How can this unitrust be created? Is there such a thing as a "minor" toxic waste problem?


Most nonprofits are reluctant to have their name on a real estate title unless the property does not present any environmental hazards. If there is a known toxic waste problem, then a nonprofit might be wise to refuse to take title to the property. Under the Comprehensive Environmental Response, Compensation, and Liability Act (CERCLA), any owner in the chain of title may be charged with the full cost of remediation for an environmental hazard. While the owner can then litigate with other parties to try to collect part or all of the costs involved, a nonprofit with an endowment is a prime candidate to be required to pay for the remediation first and then sue to recover damages later from other potentially responsible parties.

Understandably, Glenda's nonprofit was not willing to serve as trustee. Even though the pollution occurred in an earlier period, if the pollution migrates while the trustee holds the property, the trustee might be declared an owner under CERCLA and therefore could be held liable.

Glenda proposed a solution. Since Harold is already on title, she suggested that he create a charitable remainder trust with himself as trustee. If there is environmental liability attached, Harold is already potentially at risk. After Harold created the trust, the property was then listed for sale and sold with the appropriate environmental impact survey.

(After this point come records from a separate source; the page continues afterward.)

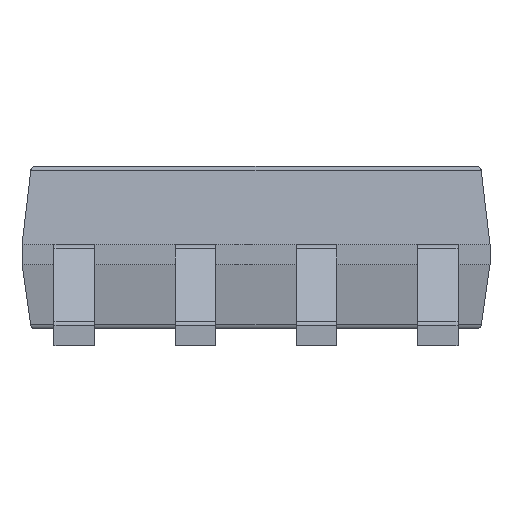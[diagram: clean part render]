
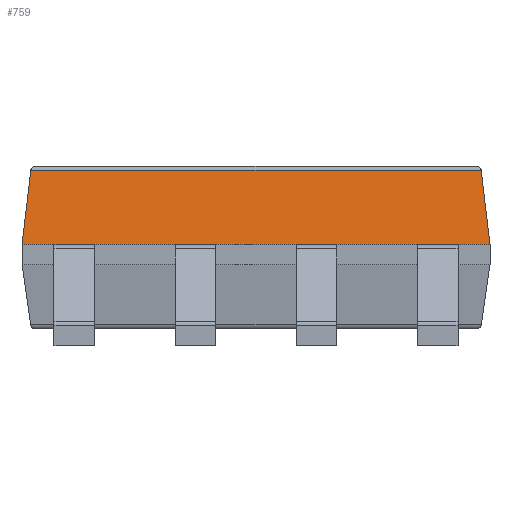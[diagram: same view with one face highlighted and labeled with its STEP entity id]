
A CAD part, left-side view. The second image highlights one B-rep face of the part: STEP entity #759.
In plain terms, the highlighted planar face has unit normal (-0.993, 0, 0.118).
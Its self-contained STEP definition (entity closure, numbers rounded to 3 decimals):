
#87 = PLANE('',#88);
#88 = AXIS2_PLACEMENT_3D('',#89,#90,#91);
#89 = CARTESIAN_POINT('',(-1.95,-2.45,0.176));
#90 = DIRECTION('',(1.,0.,0.));
#91 = DIRECTION('',(0.,0.,1.));
#350 = VERTEX_POINT('',#351);
#351 = CARTESIAN_POINT('',(-1.95,-2.45,1.059));
#374 = VERTEX_POINT('',#375);
#375 = CARTESIAN_POINT('',(-1.95,2.45,1.059));
#401 = EDGE_CURVE('',#350,#374,#402,.T.);
#402 = SURFACE_CURVE('',#403,(#407,#414),.PCURVE_S1.);
#403 = LINE('',#404,#405);
#404 = CARTESIAN_POINT('',(-1.95,-2.45,1.059));
#405 = VECTOR('',#406,1.);
#406 = DIRECTION('',(0.,1.,0.));
#407 = PCURVE('',#87,#408);
#408 = DEFINITIONAL_REPRESENTATION('',(#409),#413);
#409 = LINE('',#410,#411);
#410 = CARTESIAN_POINT('',(0.883,0.));
#411 = VECTOR('',#412,1.);
#412 = DIRECTION('',(0.,-1.));
#413 = ( GEOMETRIC_REPRESENTATION_CONTEXT(2) 
PARAMETRIC_REPRESENTATION_CONTEXT() REPRESENTATION_CONTEXT('2D SPACE',''
  ) );
#414 = PCURVE('',#415,#420);
#415 = PLANE('',#416);
#416 = AXIS2_PLACEMENT_3D('',#417,#418,#419);
#417 = CARTESIAN_POINT('',(-1.901,-2.45,1.469));
#418 = DIRECTION('',(0.993,0.,-0.118));
#419 = DIRECTION('',(0.,1.,0.));
#420 = DEFINITIONAL_REPRESENTATION('',(#421),#425);
#421 = LINE('',#422,#423);
#422 = CARTESIAN_POINT('',(0.,-0.413));
#423 = VECTOR('',#424,1.);
#424 = DIRECTION('',(1.,0.));
#425 = ( GEOMETRIC_REPRESENTATION_CONTEXT(2) 
PARAMETRIC_REPRESENTATION_CONTEXT() REPRESENTATION_CONTEXT('2D SPACE',''
  ) );
#612 = PLANE('',#613);
#613 = AXIS2_PLACEMENT_3D('',#614,#615,#616);
#614 = CARTESIAN_POINT('',(-1.95,-2.401,1.469));
#615 = DIRECTION('',(0.,0.993,-0.118)
  );
#616 = DIRECTION('',(-1.,0.,0.));
#759 = ADVANCED_FACE('',(#760),#415,.F.);
#760 = FACE_BOUND('',#761,.F.);
#761 = EDGE_LOOP('',(#762,#785,#786,#814));
#762 = ORIENTED_EDGE('',*,*,#763,.F.);
#763 = EDGE_CURVE('',#350,#764,#766,.T.);
#764 = VERTEX_POINT('',#765);
#765 = CARTESIAN_POINT('',(-1.858,-2.358,
    1.835));
#766 = SURFACE_CURVE('',#767,(#771,#778),.PCURVE_S1.);
#767 = LINE('',#768,#769);
#768 = CARTESIAN_POINT('',(-1.902,-2.402,
    1.463));
#769 = VECTOR('',#770,1.);
#770 = DIRECTION('',(0.117,0.117,0.986));
#771 = PCURVE('',#415,#772);
#772 = DEFINITIONAL_REPRESENTATION('',(#773),#777);
#773 = LINE('',#774,#775);
#774 = CARTESIAN_POINT('',(0.048,-0.006));
#775 = VECTOR('',#776,1.);
#776 = DIRECTION('',(0.117,0.993));
#777 = ( GEOMETRIC_REPRESENTATION_CONTEXT(2) 
PARAMETRIC_REPRESENTATION_CONTEXT() REPRESENTATION_CONTEXT('2D SPACE',''
  ) );
#778 = PCURVE('',#612,#779);
#779 = DEFINITIONAL_REPRESENTATION('',(#780),#784);
#780 = LINE('',#781,#782);
#781 = CARTESIAN_POINT('',(-0.048,-0.006));
#782 = VECTOR('',#783,1.);
#783 = DIRECTION('',(-0.117,0.993));
#784 = ( GEOMETRIC_REPRESENTATION_CONTEXT(2) 
PARAMETRIC_REPRESENTATION_CONTEXT() REPRESENTATION_CONTEXT('2D SPACE',''
  ) );
#785 = ORIENTED_EDGE('',*,*,#401,.T.);
#786 = ORIENTED_EDGE('',*,*,#787,.T.);
#787 = EDGE_CURVE('',#374,#788,#790,.T.);
#788 = VERTEX_POINT('',#789);
#789 = CARTESIAN_POINT('',(-1.858,2.358,1.835
    ));
#790 = SURFACE_CURVE('',#791,(#795,#802),.PCURVE_S1.);
#791 = LINE('',#792,#793);
#792 = CARTESIAN_POINT('',(-1.868,2.368,1.746
    ));
#793 = VECTOR('',#794,1.);
#794 = DIRECTION('',(0.117,-0.117,0.986));
#795 = PCURVE('',#415,#796);
#796 = DEFINITIONAL_REPRESENTATION('',(#797),#801);
#797 = LINE('',#798,#799);
#798 = CARTESIAN_POINT('',(4.818,0.28));
#799 = VECTOR('',#800,1.);
#800 = DIRECTION('',(-0.117,0.993));
#801 = ( GEOMETRIC_REPRESENTATION_CONTEXT(2) 
PARAMETRIC_REPRESENTATION_CONTEXT() REPRESENTATION_CONTEXT('2D SPACE',''
  ) );
#802 = PCURVE('',#803,#808);
#803 = PLANE('',#804);
#804 = AXIS2_PLACEMENT_3D('',#805,#806,#807);
#805 = CARTESIAN_POINT('',(-1.95,2.401,1.469));
#806 = DIRECTION('',(0.,0.993,0.118)
  );
#807 = DIRECTION('',(-1.,0.,0.));
#808 = DEFINITIONAL_REPRESENTATION('',(#809),#813);
#809 = LINE('',#810,#811);
#810 = CARTESIAN_POINT('',(-0.082,0.28));
#811 = VECTOR('',#812,1.);
#812 = DIRECTION('',(-0.117,0.993));
#813 = ( GEOMETRIC_REPRESENTATION_CONTEXT(2) 
PARAMETRIC_REPRESENTATION_CONTEXT() REPRESENTATION_CONTEXT('2D SPACE',''
  ) );
#814 = ORIENTED_EDGE('',*,*,#815,.F.);
#815 = EDGE_CURVE('',#764,#788,#816,.T.);
#816 = SURFACE_CURVE('',#817,(#821,#828),.PCURVE_S1.);
#817 = LINE('',#818,#819);
#818 = CARTESIAN_POINT('',(-1.858,-2.353,1.835));
#819 = VECTOR('',#820,1.);
#820 = DIRECTION('',(0.,1.,0.));
#821 = PCURVE('',#415,#822);
#822 = DEFINITIONAL_REPRESENTATION('',(#823),#827);
#823 = LINE('',#824,#825);
#824 = CARTESIAN_POINT('',(0.098,0.369));
#825 = VECTOR('',#826,1.);
#826 = DIRECTION('',(1.,0.));
#827 = ( GEOMETRIC_REPRESENTATION_CONTEXT(2) 
PARAMETRIC_REPRESENTATION_CONTEXT() REPRESENTATION_CONTEXT('2D SPACE',''
  ) );
#828 = PCURVE('',#829,#834);
#829 = CYLINDRICAL_SURFACE('',#830,0.05);
#830 = AXIS2_PLACEMENT_3D('',#831,#832,#833);
#831 = CARTESIAN_POINT('',(-1.808,-2.353,1.829));
#832 = DIRECTION('',(0.,1.,0.));
#833 = DIRECTION('',(-0.993,0.,0.118));
#834 = DEFINITIONAL_REPRESENTATION('',(#835),#839);
#835 = LINE('',#836,#837);
#836 = CARTESIAN_POINT('',(0.,0.));
#837 = VECTOR('',#838,1.);
#838 = DIRECTION('',(0.,1.));
#839 = ( GEOMETRIC_REPRESENTATION_CONTEXT(2) 
PARAMETRIC_REPRESENTATION_CONTEXT() REPRESENTATION_CONTEXT('2D SPACE',''
  ) );

After, the trust sold the property and now holds cash and securities. Harold resigned as trustee and his favorite nonprofit became successor trustee. While there may still be a potential claim against the trust assets under CERCLA, there is no basis for a CERCLA claim against the nonprofit, which was not on the chain of title.

In this case the new buyer paid $2 million. The nonprofit has now assumed the role of trustee and the proceeds are invested. Payments to Harold from the FLIP unitrust have now commenced.